8 thoughts on “Mysterious Mono 100s”

  1. How do the Mono 100s compare to the Mono Professionals in your estimation? I have a wide range of Mono Pros and it is hard to imagine a nicer drawing pencil outside of the original Blackwing 602 (not the Palomino ones!).

  2. Thank you for your comment.
    I don’t know how they compare, I haven’t really done a comparison of these as I don’t have that many of them, so I don’t tend to use them too often (so that they last longer ;^P )

    I guess you like the Mono Pro more than the Mono 100. What is the difference for your way of using them?

  3. @Ninth Wave Designs: I’ve used both the Mono 100s and Mono Professional quite a lot, and I liked both about the same. If there was any difference between the graphite cores, I couldn’t tell. The overall standard of the finish on the Mono 100s is nicer than the Professionals — thicker lacquer, better imprints. I’d guess that the Professional leaves off some of the polish to make them more affordable as a working pencil.

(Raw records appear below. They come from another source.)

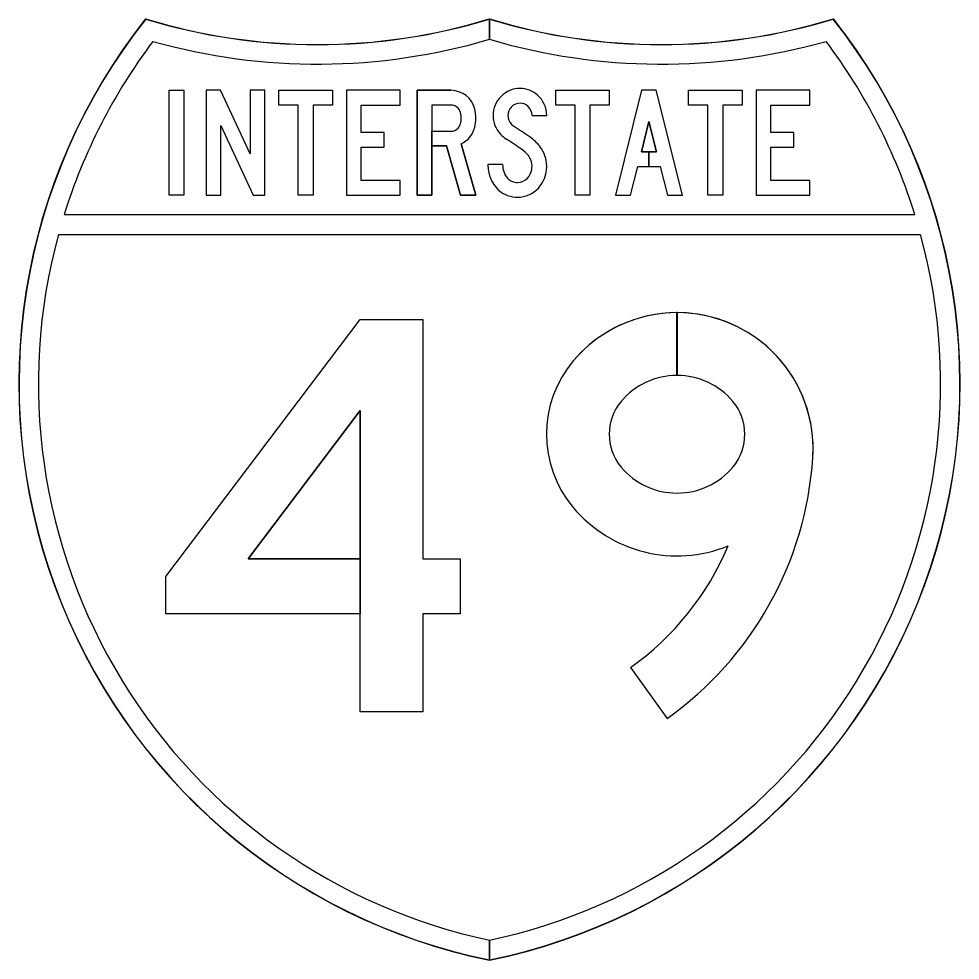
# Model space of a CAD drawing. Extents: x 658976 to 668726, y 639543 to 647196.
# Drawn here: x 667667.3 to 667711.1, y 643661.42 to 643705.22 of the extents above; entities that cross this region are included whole.
import ezdxf

# ---------------------------------------------------------------- set-up
doc = ezdxf.new("R2010")
doc.units = 0
doc.layers.add('GSCOLORFILL', color=7, linetype='Continuous')

msp = doc.modelspace()

# ---------------------------------------------------------------- linework, layer by layer
at = {"layer": 'GSCOLORFILL'}
for p, q in [((667687.403, 643701.897), (667685.833, 643701.897)), ((667687.403, 643701.213), (667687.403, 643701.213)), ((667687.403, 643699.991), (667687.403, 643699.991)), ((667687.403, 643699.991), (667687.403, 643699.991)), ((667697.926, 643688.63), (667697.926, 643691.551)), ((667697.926, 643688.63), (667697.926, 643691.551)), ((667697.927, 643691.551), (667697.927, 643688.63)), ((667697.927, 643691.551), (667697.927, 643688.63)), ((667697.926, 643688.63), (667697.926, 643688.63)), ((667697.926, 643688.63), (667697.926, 643688.63)), ((667695.769, 643675.039), (667697.463, 643672.661)), ((667695.769, 643675.039), (667697.463, 643672.661)), ((667695.769, 643675.039), (667697.463, 643672.661))]:
    msp.add_line(p, q, dxfattribs=at)
for points in [[(667689.202, 643704.271), (667689.202, 643705.224)], [(667689.203, 643705.224), (667689.203, 643704.271)], [(667685.833, 643701.897), (667685.833, 643697.011), (667686.517, 643697.011), (667686.517, 643699.307), (667687.204, 643699.307), (667687.858, 643697.011), (667688.569, 643697.011), (667687.885, 643699.413)], [(667687.403, 643701.213), (667686.517, 643701.213), (667686.517, 643697.011), (667685.833, 643697.011), (667685.833, 643701.897), (667687.403, 643701.897)], [(667687.403, 643701.213), (667686.517, 643701.213), (667686.517, 643697.011), (667685.833, 643697.011), (667685.833, 643701.897), (667687.403, 643701.897)], [(667687.403, 643701.213), (667686.517, 643701.213), (667686.517, 643699.991), (667687.403, 643699.991)], [(667691.182, 643700.72), (667691.866, 643700.72)], [(667691.182, 643700.72), (667691.866, 643700.72)], [(667691.182, 643700.72), (667691.866, 643700.72)], [(667687.885, 643699.413), (667688.569, 643697.011), (667687.858, 643697.011), (667687.204, 643699.307), (667686.518, 643699.307), (667686.518, 643699.991), (667687.403, 643699.991)], [(667687.885, 643699.413), (667688.569, 643697.011), (667687.858, 643697.011), (667687.204, 643699.307), (667686.518, 643699.307), (667686.518, 643699.991), (667687.403, 643699.991)], [(667689.814, 643698.449), (667689.13, 643698.449)], [(667689.814, 643698.449), (667689.13, 643698.449)], [(667689.814, 643698.449), (667689.13, 643698.449)], [(667708.999, 643696.098), (667669.406, 643696.098)], [(667669.14, 643695.186), (667709.264, 643695.186)], [(667689.202, 643661.421), (667689.202, 643662.353)], [(667689.203, 643662.353), (667689.203, 643661.421)], [(667689.202, 643661.431), (667689.202, 643661.421)], [(667689.203, 643661.421), (667689.203, 643661.431)]]:
    msp.add_lwpolyline(points, dxfattribs=at)
for points in [[(667674.302, 643701.897), (667674.986, 643701.897), (667674.986, 643697.011), (667674.302, 643697.011)], [(667674.302, 643701.897), (667674.986, 643701.897), (667674.986, 643697.011), (667674.302, 643697.011)], [(667674.302, 643701.897), (667674.986, 643701.897), (667674.986, 643697.011), (667674.302, 643697.011)], [(667678.212, 643697.011), (667678.749, 643697.011), (667678.749, 643701.897), (667678.065, 643701.897), (667678.065, 643698.944), (667676.689, 643701.897), (667676.013, 643701.897), (667676.013, 643697.011), (667676.697, 643697.011), (667676.697, 643700.26)], [(667678.212, 643697.011), (667678.749, 643697.011), (667678.749, 643701.897), (667678.065, 643701.897), (667678.065, 643698.944), (667676.689, 643701.897), (667676.013, 643701.897), (667676.013, 643697.011), (667676.697, 643697.011), (667676.697, 643700.26)], [(667678.212, 643697.011), (667678.749, 643697.011), (667678.749, 643701.897), (667678.065, 643701.897), (667678.065, 643698.944), (667676.689, 643701.897), (667676.013, 643701.897), (667676.013, 643697.011), (667676.697, 643697.011), (667676.697, 643700.26)], [(667680.306, 643701.213), (667679.402, 643701.213), (667679.402, 643701.897), (667681.894, 643701.897), (667681.894, 643701.213), (667680.99, 643701.213), (667680.99, 643697.011), (667680.306, 643697.011)], [(667680.306, 643701.213), (667679.402, 643701.213), (667679.402, 643701.897), (667681.894, 643701.897), (667681.894, 643701.213), (667680.99, 643701.213), (667680.99, 643697.011), (667680.306, 643697.011)], [(667680.306, 643701.213), (667679.402, 643701.213), (667679.402, 643701.897), (667681.894, 643701.897), (667681.894, 643701.213), (667680.99, 643701.213), (667680.99, 643697.011), (667680.306, 643697.011)], [(667683.232, 643697.695), (667683.232, 643699.258), (667684.302, 643699.258), (667684.302, 643699.942), (667683.232, 643699.942), (667683.232, 643701.213), (667685.04, 643701.213), (667685.04, 643701.897), (667682.548, 643701.897), (667682.548, 643697.011), (667685.04, 643697.011), (667685.04, 643697.695)], [(667683.232, 643697.695), (667683.232, 643699.258), (667684.302, 643699.258), (667684.302, 643699.942), (667683.232, 643699.942), (667683.232, 643701.213), (667685.04, 643701.213), (667685.04, 643701.897), (667682.548, 643701.897), (667682.548, 643697.011), (667685.04, 643697.011), (667685.04, 643697.695)], [(667683.232, 643697.695), (667683.232, 643699.258), (667684.302, 643699.258), (667684.302, 643699.942), (667683.232, 643699.942), (667683.232, 643701.213), (667685.04, 643701.213), (667685.04, 643701.897), (667682.548, 643701.897), (667682.548, 643697.011), (667685.04, 643697.011), (667685.04, 643697.695)], [(667693.19, 643701.213), (667692.286, 643701.213), (667692.286, 643701.897), (667694.778, 643701.897), (667694.778, 643701.213), (667693.874, 643701.213), (667693.874, 643697.011), (667693.19, 643697.011)], [(667693.19, 643701.213), (667692.286, 643701.213), (667692.286, 643701.897), (667694.778, 643701.897), (667694.778, 643701.213), (667693.874, 643701.213), (667693.874, 643697.011), (667693.19, 643697.011)], [(667693.19, 643701.213), (667692.286, 643701.213), (667692.286, 643701.897), (667694.778, 643701.897), (667694.778, 643701.213), (667693.874, 643701.213), (667693.874, 643697.011), (667693.19, 643697.011)], [(667696.099, 643698.354), (667697.144, 643698.354), (667697.48, 643697.011), (667698.185, 643697.011), (667696.963, 643701.897), (667696.279, 643701.897), (667695.058, 643697.011), (667695.763, 643697.011)], [(667696.621, 643699.038), (667696.27, 643699.038), (667696.621, 643700.445), (667696.973, 643699.038), (667696.622, 643699.038), (667696.622, 643698.354), (667697.144, 643698.354), (667697.48, 643697.011), (667698.185, 643697.011), (667696.963, 643701.897), (667696.279, 643701.897), (667695.058, 643697.011), (667695.763, 643697.011), (667696.099, 643698.354), (667696.621, 643698.354)], [(667696.621, 643699.038), (667696.27, 643699.038), (667696.621, 643700.445), (667696.973, 643699.038), (667696.622, 643699.038), (667696.622, 643698.354), (667697.144, 643698.354), (667697.48, 643697.011), (667698.185, 643697.011), (667696.963, 643701.897), (667696.279, 643701.897), (667695.058, 643697.011), (667695.763, 643697.011), (667696.099, 643698.354), (667696.621, 643698.354)], [(667699.369, 643701.213), (667698.465, 643701.213), (667698.465, 643701.897), (667700.957, 643701.897), (667700.957, 643701.213), (667700.053, 643701.213), (667700.053, 643697.011), (667699.369, 643697.011)], [(667699.369, 643701.213), (667698.465, 643701.213), (667698.465, 643701.897), (667700.957, 643701.897), (667700.957, 643701.213), (667700.053, 643701.213), (667700.053, 643697.011), (667699.369, 643697.011)], [(667699.369, 643701.213), (667698.465, 643701.213), (667698.465, 643701.897), (667700.957, 643701.897), (667700.957, 643701.213), (667700.053, 643701.213), (667700.053, 643697.011), (667699.369, 643697.011)], [(667702.294, 643697.695), (667702.294, 643699.258), (667703.365, 643699.258), (667703.365, 643699.942), (667702.294, 643699.942), (667702.294, 643701.213), (667704.102, 643701.213), (667704.102, 643701.897), (667701.61, 643701.897), (667701.61, 643697.011), (667704.102, 643697.011), (667704.102, 643697.695)], [(667702.294, 643697.695), (667702.294, 643699.258), (667703.365, 643699.258), (667703.365, 643699.942), (667702.294, 643699.942), (667702.294, 643701.213), (667704.102, 643701.213), (667704.102, 643701.897), (667701.61, 643701.897), (667701.61, 643697.011), (667704.102, 643697.011), (667704.102, 643697.695)], [(667702.294, 643697.695), (667702.294, 643699.258), (667703.365, 643699.258), (667703.365, 643699.942), (667702.294, 643699.942), (667702.294, 643701.213), (667704.102, 643701.213), (667704.102, 643701.897), (667701.61, 643701.897), (667701.61, 643697.011), (667704.102, 643697.011), (667704.102, 643697.695)], [(667696.973, 643699.038), (667696.621, 643700.445), (667696.27, 643699.038)], [(667683.182, 643672.98), (667683.182, 643677.543), (667674.148, 643677.543), (667674.148, 643679.277), (667683.182, 643691.231), (667686.102, 643691.231), (667686.102, 643680.098), (667687.836, 643680.098), (667687.836, 643677.543), (667686.102, 643677.543), (667686.102, 643672.98)], [(667687.836, 643680.098), (667687.836, 643677.543), (667686.102, 643677.543), (667686.102, 643672.98), (667683.182, 643672.98), (667683.182, 643686.993), (667677.971, 643680.098), (667683.181, 643680.098), (667683.181, 643677.543), (667674.148, 643677.543), (667674.148, 643679.277), (667683.182, 643691.231), (667686.102, 643691.231), (667686.102, 643680.098)], [(667687.836, 643680.098), (667687.836, 643677.543), (667686.102, 643677.543), (667686.102, 643672.98), (667683.182, 643672.98), (667683.182, 643686.993), (667677.971, 643680.098), (667683.181, 643680.098), (667683.181, 643677.543), (667674.148, 643677.543), (667674.148, 643679.277), (667683.182, 643691.231), (667686.102, 643691.231), (667686.102, 643680.098)], [(667677.971, 643680.098), (667683.182, 643686.993), (667683.182, 643680.098)]]:
    msp.add_lwpolyline(points, close=True, dxfattribs=at)
for centre, radius, start, end in [((667694.677, 643688.245), 27.377, 141.6689, 258.4631), ((667694.677, 643688.245), 27.377, 141.6689, 258.4631), ((667694.677, 643688.245), 27.367, 141.6826, 258.459), ((667681.202, 643731.405), 27.377, 253.0091, 286.9909), ((667681.202, 643731.405), 27.377, 253.0091, 286.9909), ((667681.202, 643731.405), 27.386, 253.0228, 286.9848), ((667697.202, 643731.405), 27.377, 253.0091, 286.9909), ((667697.202, 643731.405), 27.386, 253.0152, 286.9772), ((667683.727, 643688.245), 27.377, 281.538, 38.3311), ((667697.202, 643731.405), 27.377, 253.0102, 286.9909), ((667683.727, 643688.245), 27.377, 281.538, 38.3311), ((667683.727, 643688.245), 27.367, 281.5421, 38.3174), ((667681.202, 643731.405), 28.289, 254.2925, 286.427), ((667697.202, 643731.405), 28.289, 253.574, 285.7075), ((667694.677, 643688.245), 26.464, 142.9957, 162.7366), ((667683.727, 643688.245), 26.464, 17.2633, 37.0042), ((667694.677, 643688.245), 26.464, 164.7945, 258.0595), ((667683.727, 643688.245), 26.464, 281.9416, 15.2055)]:
    msp.add_arc(centre, radius, start, end, dxfattribs=at)
for centre, major_axis, ratio, start_param, end_param in [((667687.403, 643700.749), (0, 1.148), 0.999996, 4.954755, 6.283185), ((667687.403, 643700.749), (0, 1.148), 0.999996, 4.954755, 6.283185), ((667687.403, 643700.749), (0, 1.148), 0.999996, 4.954755, 6.283185), ((667690.629, 643700.724), (0, 1.259), 0.999999, 6.283184, 7.853982), ((667690.629, 643700.724), (0, 1.259), 0.999999, 6.283184, 7.853982), ((667690.629, 643700.724), (0, 1.259), 0.999999, 6.283184, 7.853982), ((667690.629, 643700.766), (0, 1.216), 0.999999, 5.561989, 6.283185), ((667690.629, 643700.766), (0, 1.216), 0.999999, 5.561989, 6.283185), ((667690.629, 643700.766), (0, 1.216), 0.999999, 5.561989, 6.283185), ((667690.588, 643700.72), (0, 1.277), 0.999999, 4.712389, 5.561989), ((667690.588, 643700.72), (0, 1.277), 0.999999, 4.712389, 5.561989), ((667690.588, 643700.72), (0, 1.277), 0.999999, 4.712389, 5.561989), ((667687.403, 643700.749), (0, 0.464), 0.999996, 4.954755, 6.283185), ((667687.403, 643700.749), (0, 0.464), 0.999996, 4.954755, 6.283185), ((667687.403, 643700.749), (0, 0.464), 0.999996, 4.954755, 6.283185), ((667690.629, 643700.724), (0, 0.575), 0.999999, 6.283183, 7.853981), ((667690.629, 643700.724), (0, 0.575), 0.999999, 6.283183, 7.853981), ((667690.629, 643700.724), (0, 0.575), 0.999999, 6.283183, 7.853981), ((667690.629, 643700.766), (0, 0.532), 0.999999, 5.561989, 6.283185), ((667690.629, 643700.766), (0, 0.532), 0.999999, 5.561989, 6.283185), ((667690.629, 643700.766), (0, 0.532), 0.999999, 5.561989, 6.283185), ((667690.588, 643700.72), (0, 0.593), 0.999999, 4.712389, 5.561989), ((667690.588, 643700.72), (0, 0.593), 0.999999, 4.712389, 5.561989), ((667690.588, 643700.72), (0, 0.593), 0.999999, 4.712389, 5.561989), ((667686.81, 643700.602), (0, 1.075), 0.999996, 4.470023, 4.954755), ((667686.81, 643700.602), (0, 1.075), 0.999996, 4.470023, 4.954755), ((667686.81, 643700.602), (0, 1.075), 0.999996, 4.470023, 4.954755), ((667686.81, 643700.602), (0, 1.759), 0.999996, 4.470023, 4.954755), ((667686.81, 643700.602), (0, 1.759), 0.999996, 4.470023, 4.954755), ((667686.81, 643700.602), (0, 1.759), 0.999996, 4.470023, 4.954755), ((667690.631, 643700.724), (0, 1.261), 0.999999, 1.570796, 2.321595), ((667690.631, 643700.724), (0, 1.261), 0.999999, 1.570796, 2.321595), ((667690.631, 643700.724), (0, 1.261), 0.999999, 1.570796, 2.321595), ((667690.631, 643700.724), (0, 0.577), 0.999999, 1.570796, 2.321595), ((667690.631, 643700.724), (0, 0.577), 0.999999, 1.570796, 2.321595), ((667690.631, 643700.724), (0, 0.577), 0.999999, 1.570796, 2.321595), ((667687.403, 643700.455), (0, 0.464), 0.999996, 3.141593, 4.470023), ((667687.403, 643700.455), (0, 0.464), 0.999996, 3.141593, 4.470023), ((667687.403, 643700.455), (0, 0.464), 0.999996, 3.141593, 4.470023), ((667690.839, 643700.918), (0, 0.861), 0.999999, 2.321595, 2.56746), ((667690.839, 643700.918), (0, 0.861), 0.999999, 2.321595, 2.56746), ((667690.839, 643700.918), (0, 0.861), 0.999999, 2.321595, 2.56746), ((667687.403, 643700.455), (0, 1.148), 0.999996, 3.574819, 4.470023), ((667687.403, 643700.455), (0, 1.148), 0.999996, 3.574819, 4.470023), ((667687.403, 643700.455), (0, 1.148), 0.999996, 3.574819, 4.470023), ((667690.839, 643700.918), (0, 1.545), 0.999999, 2.321595, 2.56746), ((667690.839, 643700.918), (0, 1.545), 0.999999, 2.321595, 2.56746), ((667690.839, 643700.918), (0, 1.545), 0.999999, 2.321595, 2.56746), ((667674.753, 643676.047), (0, 28.758), 0.999999, 5.679143, 5.709053), ((667674.753, 643676.047), (0, 28.758), 0.999999, 5.679143, 5.709053), ((667674.753, 643676.047), (0, 28.758), 0.999999, 5.679143, 5.709053), ((667674.753, 643676.047), (0, 28.074), 0.999999, 5.679143, 5.709053), ((667674.753, 643676.047), (0, 28.074), 0.999999, 5.679143, 5.709053), ((667674.753, 643676.047), (0, 28.074), 0.999999, 5.679143, 5.709053), ((667689.892, 643697.985), (0, 2.104), 0.999999, 5.373599, 5.679143), ((667689.892, 643697.985), (0, 2.104), 0.999999, 5.373599, 5.679143), ((667689.892, 643697.985), (0, 2.104), 0.999999, 5.373599, 5.679143), ((667689.892, 643697.985), (0, 1.42), 0.999999, 5.373599, 5.679143), ((667689.892, 643697.985), (0, 1.42), 0.999999, 5.373599, 5.679143), ((667689.892, 643697.985), (0, 1.42), 0.999999, 5.373599, 5.679143), ((667690.377, 643698.363), (0, 1.488), 0.999999, 4.712389, 5.373599), ((667690.377, 643698.363), (0, 1.488), 0.999999, 4.712389, 5.373599), ((667690.377, 643698.363), (0, 1.488), 0.999999, 4.712389, 5.373599), ((667690.377, 643698.363), (0, 0.804), 0.999999, 4.712389, 5.373599), ((667690.377, 643698.363), (0, 0.804), 0.999999, 4.712389, 5.373599), ((667690.377, 643698.363), (0, 0.804), 0.999999, 4.712389, 5.373599), ((667690.932, 643698.449), (0, 1.802), 0.999999, 1.570808, 1.909921), ((667690.932, 643698.449), (0, 1.802), 0.999999, 1.570808, 1.909921), ((667690.932, 643698.449), (0, 1.802), 0.999999, 1.570808, 1.909921), ((667690.932, 643698.449), (0, 1.118), 0.999999, 1.570816, 1.909918), ((667690.932, 643698.449), (0, 1.118), 0.999999, 1.570816, 1.909918), ((667690.932, 643698.449), (0, 1.118), 0.999999, 1.570816, 1.909918), ((667690.623, 643698.34), (0, 0.791), 0.999999, 1.909925, 2.431476), ((667690.623, 643698.34), (0, 0.791), 0.999999, 1.909925, 2.431476), ((667690.623, 643698.34), (0, 0.791), 0.999999, 1.909925, 2.431476), ((667690.412, 643698.335), (0, 0.767), 0.999999, 3.967076, 4.552917), ((667690.412, 643698.335), (0, 0.767), 0.999999, 3.967076, 4.552917), ((667690.412, 643698.335), (0, 0.767), 0.999999, 3.967076, 4.552917), ((667690.239, 643698.363), (0, 0.943), 0.999999, 4.552917, 4.712389), ((667690.239, 643698.363), (0, 0.943), 0.999999, 4.552917, 4.712389), ((667690.239, 643698.363), (0, 0.943), 0.999999, 4.552917, 4.712389), ((667690.412, 643698.335), (0, 1.451), 0.999999, 3.967076, 4.552917), ((667690.412, 643698.335), (0, 1.451), 0.999999, 3.967076, 4.552917), ((667690.412, 643698.335), (0, 1.451), 0.999999, 3.967076, 4.552917), ((667690.239, 643698.363), (0, 1.627), 0.999999, 4.552917, 4.712389), ((667690.239, 643698.363), (0, 1.627), 0.999999, 4.552917, 4.712389), ((667690.239, 643698.363), (0, 1.627), 0.999999, 4.552917, 4.712389), ((667690.623, 643698.34), (0, 1.475), 0.999999, 1.909925, 2.431476), ((667690.623, 643698.34), (0, 1.475), 0.999999, 1.909925, 2.431476), ((667690.623, 643698.34), (0, 1.475), 0.999999, 1.909925, 2.431476), ((667690.423, 643698.107), (0, 0.483), 0.999999, 2.431476, 2.811358), ((667690.423, 643698.107), (0, 0.483), 0.999999, 2.431476, 2.811358), ((667690.423, 643698.107), (0, 0.483), 0.999999, 2.431476, 2.811358), ((667690.507, 643698.354), (0, 0.745), 0.999999, 2.811358, 3.141593), ((667690.507, 643698.354), (0, 0.745), 0.999999, 2.811358, 3.141593), ((667690.507, 643698.354), (0, 0.745), 0.999999, 2.811358, 3.141593), ((667690.507, 643698.247), (0, 0.638), 0.999999, 3.141593, 3.967076), ((667690.507, 643698.247), (0, 0.638), 0.999999, 3.141593, 3.967076), ((667690.507, 643698.247), (0, 0.638), 0.999999, 3.141593, 3.967076), ((667690.423, 643698.107), (0, 1.167), 0.999999, 2.431476, 2.811358), ((667690.423, 643698.107), (0, 1.167), 0.999999, 2.431476, 2.811358), ((667690.423, 643698.107), (0, 1.167), 0.999999, 2.431476, 2.811358), ((667690.507, 643698.247), (0, 1.322), 0.999999, 3.141593, 3.967076), ((667690.507, 643698.247), (0, 1.322), 0.999999, 3.141593, 3.967076), ((667690.507, 643698.247), (0, 1.322), 0.999999, 3.141593, 3.967076), ((667690.507, 643698.354), (0, 1.429), 0.999999, 2.811358, 3.141593), ((667690.507, 643698.354), (0, 1.429), 0.999999, 2.811358, 3.141593), ((667690.507, 643698.354), (0, 1.429), 0.999999, 2.811358, 3.141593), ((667697.934, 643685.222), (0, 6.329), 0.999994, 4.64468, 7.149545), ((667697.934, 643685.222), (0, 6.329), 0.999994, 0.001231, 0.86636), ((667697.934, 643685.222), (0, 6.329), 0.999994, 0.001231, 0.86636), ((667697.934, 643685.222), (0, 6.329), 0.999994, 4.64468, 6.284272), ((667697.934, 643685.222), (0, 6.329), 0.999994, 4.64468, 6.284272), ((667697.144, 643685.893), (0, 5.293), 0.999994, 0.86636, 2.268543), ((667697.144, 643685.893), (0, 5.293), 0.999994, 0.86636, 2.268543), ((667697.144, 643685.893), (0, 5.293), 0.999994, 0.86636, 2.268543), ((667697.927, 643685.237), (0, 3.394), 0.999994, 5.410135, 7.156235), ((667697.927, 643685.237), (0, 3.394), 0.999994, 0.000269, 0.87305), ((667697.927, 643685.237), (0, 3.394), 0.999994, 0.000269, 0.87305), ((667697.927, 643685.237), (0, 3.394), 0.999994, 5.410135, 6.283185), ((667697.927, 643685.237), (0, 3.394), 0.999994, 5.410135, 6.283185), ((667697.144, 643685.893), (0, 2.373), 0.999994, 0.87305, 2.268543), ((667697.144, 643685.893), (0, 2.373), 0.999994, 0.87305, 2.268543), ((667697.144, 643685.893), (0, 2.373), 0.999994, 0.87305, 2.268543), ((667698.709, 643685.893), (0, 2.373), 0.999994, 4.014643, 5.410135), ((667698.709, 643685.893), (0, 2.373), 0.999994, 4.014643, 5.410135), ((667698.709, 643685.893), (0, 2.373), 0.999994, 4.014643, 5.410135), ((667688.042, 643685.893), (0, 16.243), 0.999994, 3.760338, 4.64468), ((667688.042, 643685.893), (0, 16.243), 0.999994, 3.760338, 4.64468), ((667688.042, 643685.893), (0, 16.243), 0.999994, 3.760338, 4.64468), ((667697.927, 643686.549), (0, 3.394), 0.999994, 2.268543, 4.014643), ((667697.927, 643686.549), (0, 3.394), 0.999994, 2.268543, 4.014643), ((667697.927, 643686.549), (0, 3.394), 0.999994, 2.268543, 4.014643), ((667697.927, 643686.549), (0, 6.314), 0.999994, 2.268543, 3.529077), ((667697.927, 643686.549), (0, 6.314), 0.999994, 2.268543, 3.529077), ((667697.927, 643686.549), (0, 6.314), 0.999994, 2.268543, 3.529077), ((667688.042, 643685.893), (0, 13.323), 0.999994, 3.760338, 4.312274), ((667688.042, 643685.893), (0, 13.323), 0.999994, 3.760338, 4.312274), ((667688.042, 643685.893), (0, 13.323), 0.999994, 3.760338, 4.312274)]:
    msp.add_ellipse(centre, major_axis=major_axis, ratio=ratio, start_param=start_param, end_param=end_param, dxfattribs=at)

doc.saveas('drawing.dxf')

    It’s disappointing that they’ve started outsourcing the production of the Mono 100, especially since the quality isn’t the same. Mono 100s are pretty much my favourite ever pencils, partly because I always knew they would be of truly excellent quality.

  4. I use them almost exclusively for writing, with the occasional doodle. As such, my preference runs to the HB, B, and F grades.

    A more creative friend of mine used Mono 100s for drawing, as they were available in the local art gallery gift shop before it closed for renovation. She took the other grades of Mono Professional from me — I bought a mixed dozen — and switched to using those instead. She said there was no noticeable difference and they were cheaper than the Mono 100s.

  5. …and I guess they are a bit nicer to the environment as you don’t have those plastic ends for landfill (unless they get collected).

  6. Thank you Koralotov for the information on the comparison. I have only one Mono 100 HB to compare, whereas I have a wide range of grades of Japanese produced Mono Professionals. I can’t tell the difference in the core in the sample I have between the two lines – they seem identically smooth and fine. I use them for drawing primarily, and as I mentioned, they are my favorites. I am sad to hear that the quality has suffered with the Vietnam production, but I put away several dozens of these when I originally got them, so they should last me a while!